While Hamilton was not himself blameless, since his refusal not to let Alonso pass him did indeed go against team strategy, his was at least a logical rather than an underhand act. Alonso did not stay with him on the track early in the final part of the session, so Hamilton did not see why he should virtually slow down and stop until he finally caught up.

"He really impressed me being so tough on that," said the TV commentator David Kennedy, himself a hardened racer at Formula One level in the past. "He stood his ground in the press conference, and his body language is that of a street fighter. He's still the rookie, but he isn't going to get bowled over. A guy can be geared up for the car and different when he gets out of it, but Lewis is just as tough as Fernando."
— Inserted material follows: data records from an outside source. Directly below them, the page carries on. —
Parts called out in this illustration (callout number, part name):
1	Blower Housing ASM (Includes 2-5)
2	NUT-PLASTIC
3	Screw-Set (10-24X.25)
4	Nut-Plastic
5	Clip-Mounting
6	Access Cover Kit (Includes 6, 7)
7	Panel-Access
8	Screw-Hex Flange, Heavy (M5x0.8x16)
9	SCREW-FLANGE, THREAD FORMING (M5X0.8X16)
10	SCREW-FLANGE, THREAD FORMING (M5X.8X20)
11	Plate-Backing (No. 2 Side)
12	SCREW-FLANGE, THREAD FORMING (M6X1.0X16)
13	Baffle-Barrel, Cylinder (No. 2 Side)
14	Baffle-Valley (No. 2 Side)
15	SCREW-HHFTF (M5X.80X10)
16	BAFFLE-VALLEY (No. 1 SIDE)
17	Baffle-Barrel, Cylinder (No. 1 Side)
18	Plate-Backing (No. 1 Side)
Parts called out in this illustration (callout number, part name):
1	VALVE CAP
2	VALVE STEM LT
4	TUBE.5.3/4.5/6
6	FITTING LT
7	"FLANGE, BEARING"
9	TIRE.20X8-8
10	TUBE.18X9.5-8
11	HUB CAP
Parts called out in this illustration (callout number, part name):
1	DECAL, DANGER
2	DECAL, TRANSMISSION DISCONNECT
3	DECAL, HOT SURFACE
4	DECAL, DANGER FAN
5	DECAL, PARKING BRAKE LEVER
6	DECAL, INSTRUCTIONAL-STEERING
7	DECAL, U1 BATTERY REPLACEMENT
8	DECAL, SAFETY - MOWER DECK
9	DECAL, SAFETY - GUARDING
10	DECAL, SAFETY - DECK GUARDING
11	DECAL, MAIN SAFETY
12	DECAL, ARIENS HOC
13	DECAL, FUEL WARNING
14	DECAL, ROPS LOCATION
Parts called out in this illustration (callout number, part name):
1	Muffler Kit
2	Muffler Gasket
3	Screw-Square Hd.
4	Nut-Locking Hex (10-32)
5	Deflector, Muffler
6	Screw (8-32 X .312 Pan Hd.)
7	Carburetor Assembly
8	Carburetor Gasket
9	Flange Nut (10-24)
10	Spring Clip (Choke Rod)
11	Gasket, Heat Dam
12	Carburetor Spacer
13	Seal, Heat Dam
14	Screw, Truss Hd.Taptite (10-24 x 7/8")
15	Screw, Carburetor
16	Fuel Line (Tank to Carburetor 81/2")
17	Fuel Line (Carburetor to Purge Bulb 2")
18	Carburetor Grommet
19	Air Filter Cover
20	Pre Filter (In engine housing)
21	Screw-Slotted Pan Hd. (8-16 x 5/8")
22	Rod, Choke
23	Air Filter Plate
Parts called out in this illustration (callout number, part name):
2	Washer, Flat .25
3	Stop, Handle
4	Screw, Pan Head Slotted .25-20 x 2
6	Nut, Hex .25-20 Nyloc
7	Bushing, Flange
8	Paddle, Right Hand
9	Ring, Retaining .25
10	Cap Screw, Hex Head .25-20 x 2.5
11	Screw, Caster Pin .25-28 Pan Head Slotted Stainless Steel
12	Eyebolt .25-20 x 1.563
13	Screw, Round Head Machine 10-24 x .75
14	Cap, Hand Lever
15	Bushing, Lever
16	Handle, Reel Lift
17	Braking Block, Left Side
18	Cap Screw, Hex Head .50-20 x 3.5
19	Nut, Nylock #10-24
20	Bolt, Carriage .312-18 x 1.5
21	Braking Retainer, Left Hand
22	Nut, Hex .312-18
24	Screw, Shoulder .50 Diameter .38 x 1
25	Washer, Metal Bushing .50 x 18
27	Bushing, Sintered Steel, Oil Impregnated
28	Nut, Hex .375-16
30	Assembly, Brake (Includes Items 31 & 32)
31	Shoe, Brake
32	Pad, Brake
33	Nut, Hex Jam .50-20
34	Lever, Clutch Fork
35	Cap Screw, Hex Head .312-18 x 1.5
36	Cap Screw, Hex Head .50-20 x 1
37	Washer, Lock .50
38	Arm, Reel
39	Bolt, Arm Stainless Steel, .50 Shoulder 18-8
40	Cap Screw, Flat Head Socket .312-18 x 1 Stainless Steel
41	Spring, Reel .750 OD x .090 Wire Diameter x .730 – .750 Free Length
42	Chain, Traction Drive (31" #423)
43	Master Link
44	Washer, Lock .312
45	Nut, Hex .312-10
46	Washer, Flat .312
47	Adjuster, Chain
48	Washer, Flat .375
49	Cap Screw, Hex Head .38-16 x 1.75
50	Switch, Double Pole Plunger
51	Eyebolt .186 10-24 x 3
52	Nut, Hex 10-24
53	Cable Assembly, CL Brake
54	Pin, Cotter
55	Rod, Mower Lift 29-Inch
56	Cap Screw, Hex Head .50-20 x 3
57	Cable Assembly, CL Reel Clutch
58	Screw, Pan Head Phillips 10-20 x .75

Certainly, while revealing much of the hitherto hidden inner emotion that drives him, Alonso is also now openly displaying all of the steely resolve that won him two titles against Michael Schumacher. Hungary demonstrated that the gloves are now off. Hamilton said that there was only one person who did not wish him good luck prior to the start, and it was obvious who he meant.

"I am now seven points behind Lewis," Alonso said after finishing fourth on Sunday as Hamilton won. "The fight for the championship is still open and I will try my best to close the gap."

As Kennedy remarked, "We've got a clash of the Titans there, haven't we?"